• Media type: E-Article
  • Title: SCAN++ : efficient algorithm for finding clusters, hubs and outliers on large-scale graphs : efficient algorithm for finding clusters, hubs and outliers on large-scale graphs
  • Contributor: Shiokawa, Hiroaki; Fujiwara, Yasuhiro; Onizuka, Makoto
  • Published: Association for Computing Machinery (ACM), 2015
  • Published in: Proceedings of the VLDB Endowment, 8 (2015) 11, Seite 1178-1189
  • Language: English
  • DOI: 10.14778/2809974.2809980
  • ISSN: 2150-8097
  • Origination:
  • Footnote:
  • Description: Graph clustering is one of the key techniques for understanding the structures present in graphs. Besides cluster detection, identifying hubs and outliers is also a key task, since they have important roles to play in graph data mining. The structural clustering algorithm SCAN , proposed by Xu et al. , is successfully used in many application because it not only detects densely connected nodes as clusters but also identifies sparsely connected nodes as hubs or outliers. However, it is difficult to apply SCAN to large-scale graphs due to its high time complexity.
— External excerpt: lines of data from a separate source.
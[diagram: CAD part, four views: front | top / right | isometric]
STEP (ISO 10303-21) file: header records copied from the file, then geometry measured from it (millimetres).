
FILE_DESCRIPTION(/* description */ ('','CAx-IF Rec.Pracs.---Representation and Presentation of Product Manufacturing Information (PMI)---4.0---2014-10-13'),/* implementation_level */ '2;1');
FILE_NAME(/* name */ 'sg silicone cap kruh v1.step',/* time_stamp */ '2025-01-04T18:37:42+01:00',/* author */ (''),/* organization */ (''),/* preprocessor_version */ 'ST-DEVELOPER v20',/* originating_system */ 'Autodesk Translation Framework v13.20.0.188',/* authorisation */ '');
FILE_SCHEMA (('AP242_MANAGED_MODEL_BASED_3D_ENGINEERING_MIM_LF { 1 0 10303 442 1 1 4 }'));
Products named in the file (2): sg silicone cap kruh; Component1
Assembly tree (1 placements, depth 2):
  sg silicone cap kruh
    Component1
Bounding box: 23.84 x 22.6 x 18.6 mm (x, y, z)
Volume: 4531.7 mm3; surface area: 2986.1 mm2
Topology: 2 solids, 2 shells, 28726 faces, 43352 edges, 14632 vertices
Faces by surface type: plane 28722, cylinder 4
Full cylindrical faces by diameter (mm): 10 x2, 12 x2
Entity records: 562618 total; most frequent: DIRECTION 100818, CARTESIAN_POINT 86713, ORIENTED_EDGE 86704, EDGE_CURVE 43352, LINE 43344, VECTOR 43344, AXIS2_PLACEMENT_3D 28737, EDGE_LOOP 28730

This is because it evaluates the density for all adjacent nodes included in the given graphs. In this paper, we propose a novel graph clustering algorithm named SCAN ++. In order to reduce time complexity, we introduce new data structure of directly two-hop-away reachable node set (DTAR). DTAR is the set of two-hop-away nodes from a given node that are likely to be in the same cluster as the given node. SCAN++ employs two approaches for efficient clustering by using DTARs without sacrificing clustering quality. First, it reduces the number of the density evaluations by computing the density only for the adjacent nodes such as indicated by DTARs. Second, by sharing a part of the density evaluations for DTARs, it offers efficient density evaluations of adjacent nodes. As a result, SCAN++ detects exactly the same clusters, hubs, and outliers from large-scale graphs as SCAN with much shorter computation time. Extensive experiments on both real-world and synthetic graphs demonstrate the performance superiority of SCAN++ over existing approaches.